Legal Update
Jan 29, 2009
President Obama Signs Ledbetter Fair Pay Act; Reverses Supreme Court Precedent
Today President Obama signed into law the Lilly Ledbetter Fair Pay Act of 2009. It is the first piece of legislation passed by both houses of Congress under President Obama’s term, and the first law he has signed as President. President Obama’s signing comes as no surprise. The President’s action is consistent with both his election campaign promise to support this legislation, and his prior co-sponsoring of the original 2007 Senate bill.
This morning, during ceremonies in the East Room of the White House, the legislation’s namesake, Lilly Ledbetter, stood beside President Obama during the historic signing. The Lilly Ledbetter Fair Pay Act is a direct response to the United States Supreme Court’s decision in Ledbetter v Goodyear Tire & Rubber Co, Inc. 550 U.S. 618 (2007).
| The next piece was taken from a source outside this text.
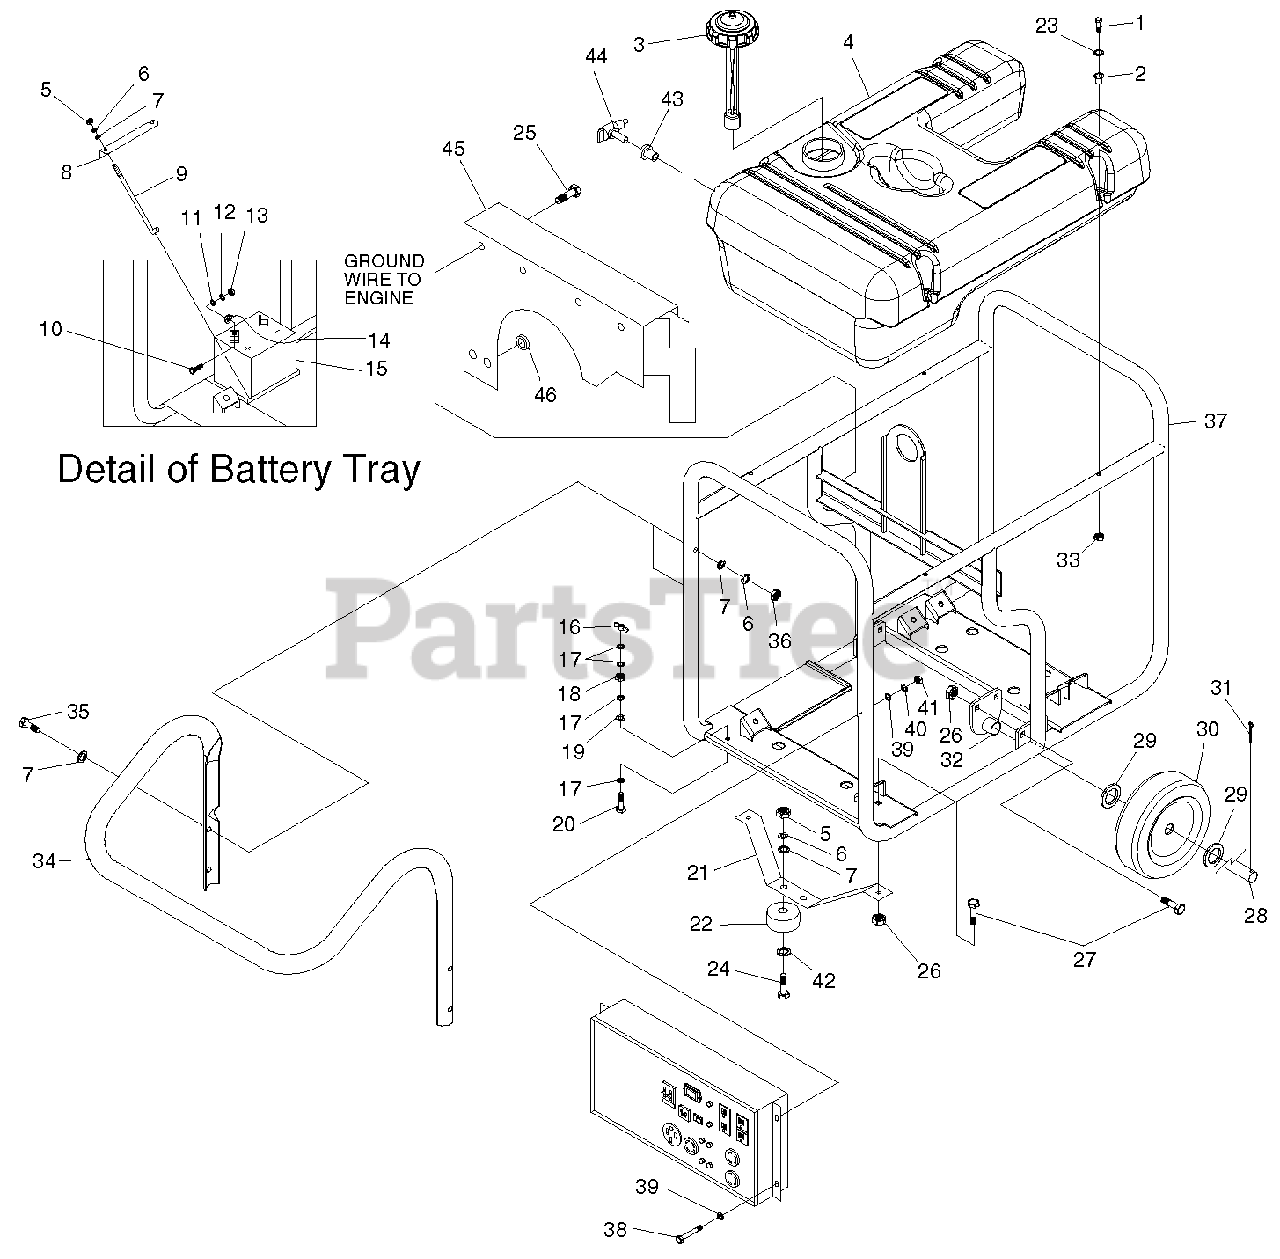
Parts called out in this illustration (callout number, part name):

In that case, the Supreme Court, in a 5-4 split decision, held that employees cannot bring Title VII disparate pay claims alleging discrimination occurring outside the 180/300-day statute of limitations period, even when a paycheck is received during that same period. The Supreme Court reversed a trial verdict in Ms. Ledbetter’s favor. The case began in 1998 when Ms. Ledbetter, now 70, filed a discrimination claim with the EEOC alleging that her employer, Goodyear, had unlawfully discriminated against her on the basis of sex in violation of Title VII by paying her less than her male co-workers. She waited years after the alleged discriminatory decisions were made to challenge the Company’s action. The decision was controversial, and in dissent Justice Ginsberg called upon legislators to overturn it.
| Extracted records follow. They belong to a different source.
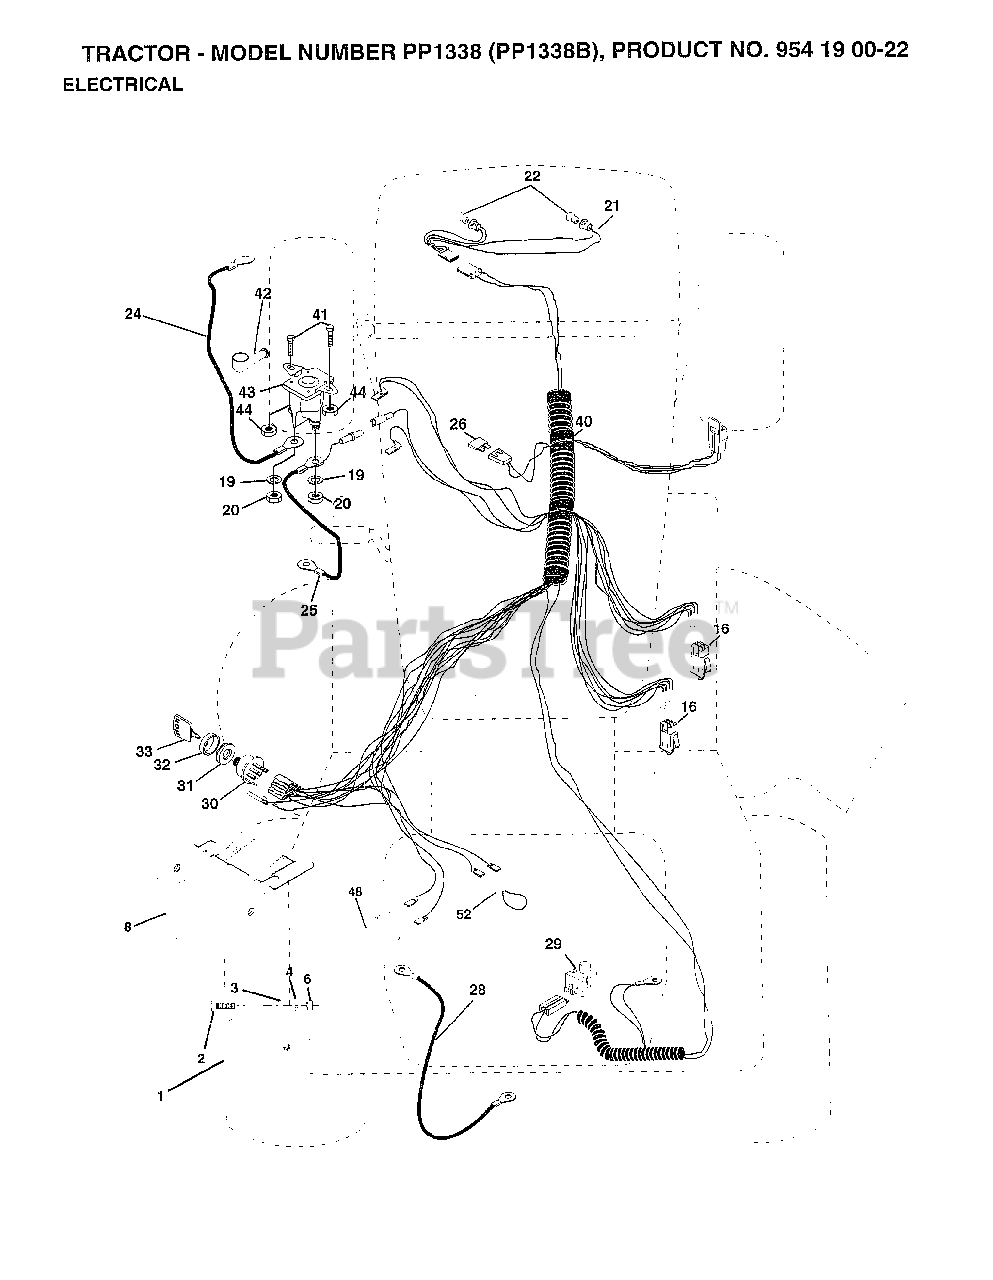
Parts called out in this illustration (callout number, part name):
3	WASHER
4	LOCKWASHER
8	"CASE,BATTERY.MECH"
16	SWITCH INTERLOCK
20	NUT
21	"HARNESS,LIGHT SOC"
22	HEADLAMP BULB
24	CABLE ASM.
25	CABLE.BTRY.6GA.RD
26	FUSE HYT
28	CABLE T
29	SWITCH SEAT
30	SWITCH IGN 4POS
31	NUT IGNITION
32	COVER KEY SWITCH
33	KEY
40	HARNESS-IGNITION
41	BOLT HXHD FIN
44	NUT HXKEP 1/4X20
48	ADAPTER AMMETER
52	PROTECTION LOOP

The Lilly Ledbetter Fair Pay Act changes the rules for calculating the statute of limitations under Title VII of the Civil Rights Act of 1964, the Age Discrimination in Employment Act of 1967, the Americans With Disabilities Act of 1990, and the Rehabilitation Act of 1973. The Act provides that a statute of limitations clock re-starts each time an employee receives a paycheck: In so doing, the Act appears to relax indefinitely statutes of limitations on employment decisions that impact compensation (including promotions, demotions, performance reviews, and other decisions). A claim of reduced pay as a result of the effects of one of these decisions, years or even decades later, could be kept “alive” by either the receipt of a paycheck with the effects of the decision still present in it, or the first payment of a retiree benefit calculated based on pay that was less as a result of a discriminatory employment decision. For purposes of the Ledbetter Act, an unlawful practice occurs when a discriminatory compensation decision or other practice is adopted, when a person becomes subject to a discriminatory compensation decision or other practice, or when a person is affected by application of a discriminatory compensation decision or other practice, including each time wages is paid, or benefits are calculated and a person receives the first benefit check, resulting in whole or in part from such a decision or other practice.
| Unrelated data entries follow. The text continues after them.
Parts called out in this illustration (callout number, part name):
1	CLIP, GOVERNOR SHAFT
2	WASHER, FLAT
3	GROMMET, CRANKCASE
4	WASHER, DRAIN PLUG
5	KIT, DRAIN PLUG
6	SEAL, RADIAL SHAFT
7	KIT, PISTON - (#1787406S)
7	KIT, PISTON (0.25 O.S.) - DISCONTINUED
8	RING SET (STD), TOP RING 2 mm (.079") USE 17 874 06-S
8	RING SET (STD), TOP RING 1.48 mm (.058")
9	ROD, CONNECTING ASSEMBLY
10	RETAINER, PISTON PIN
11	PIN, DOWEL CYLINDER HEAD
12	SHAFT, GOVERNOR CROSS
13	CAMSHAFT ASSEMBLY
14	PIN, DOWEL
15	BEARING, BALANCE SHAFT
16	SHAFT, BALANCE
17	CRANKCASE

With the passage of the Ledbetter Act, employers now face greater exposure from lawsuits, including class action lawsuits alleging disparate pay practices. The Act applies to both disparate treatment and disparate impact claims. Also, importantly, the Act contains language that would make the effective date retroactive to May 28, 2007, and would apply to all discrimination claims pending on or after that date.
Practical effects of the Ledbetter Act include: it allows plaintiffs to sue over employment decisions made long ago—and to characterize them as “continuing violations”—potentially increasing the size and scope of damage recoveries in both single-plaintiff and class action lawsuits. As a result, it is important for employers to review their current recordkeeping practices with respect to employment decisions. It will be more critical than ever to have documentation on current employees that goes back indefinitely throughout their employment documenting the legitimate non-discriminatory reasons for employment decisions that have a lasting impact on their pay. Also, employers will want to consider their current processes for documentation of decisions to ensure that decisions have confirming records that can be used to defend the Company long after a supervisor or manager responsible for the decision is no longer available to provide testimony. Finally, employers should consider undertaking a review to assess whether actual or perceived inequities in pay may exist in their workforce.
From a litigation perspective, employers should note that: the Ledbetter Act does not extend the period of recovery from the existing two years of back pay from the date the employee files a charge of discrimination; and the expressed retroactive nature of law is expected to draw significant litigation over its constitutionality. There is also likely to be significant litigation over the meaning and application of the Ledbetter Act, which may help to further refine the law’s application. We predict that the Lilly Ledbetter Fair Pay Act is the first of a number of laws that will be considered to expand available remedies, statutes of limitation, and other procedural rules under federal non-discrimination in employment laws.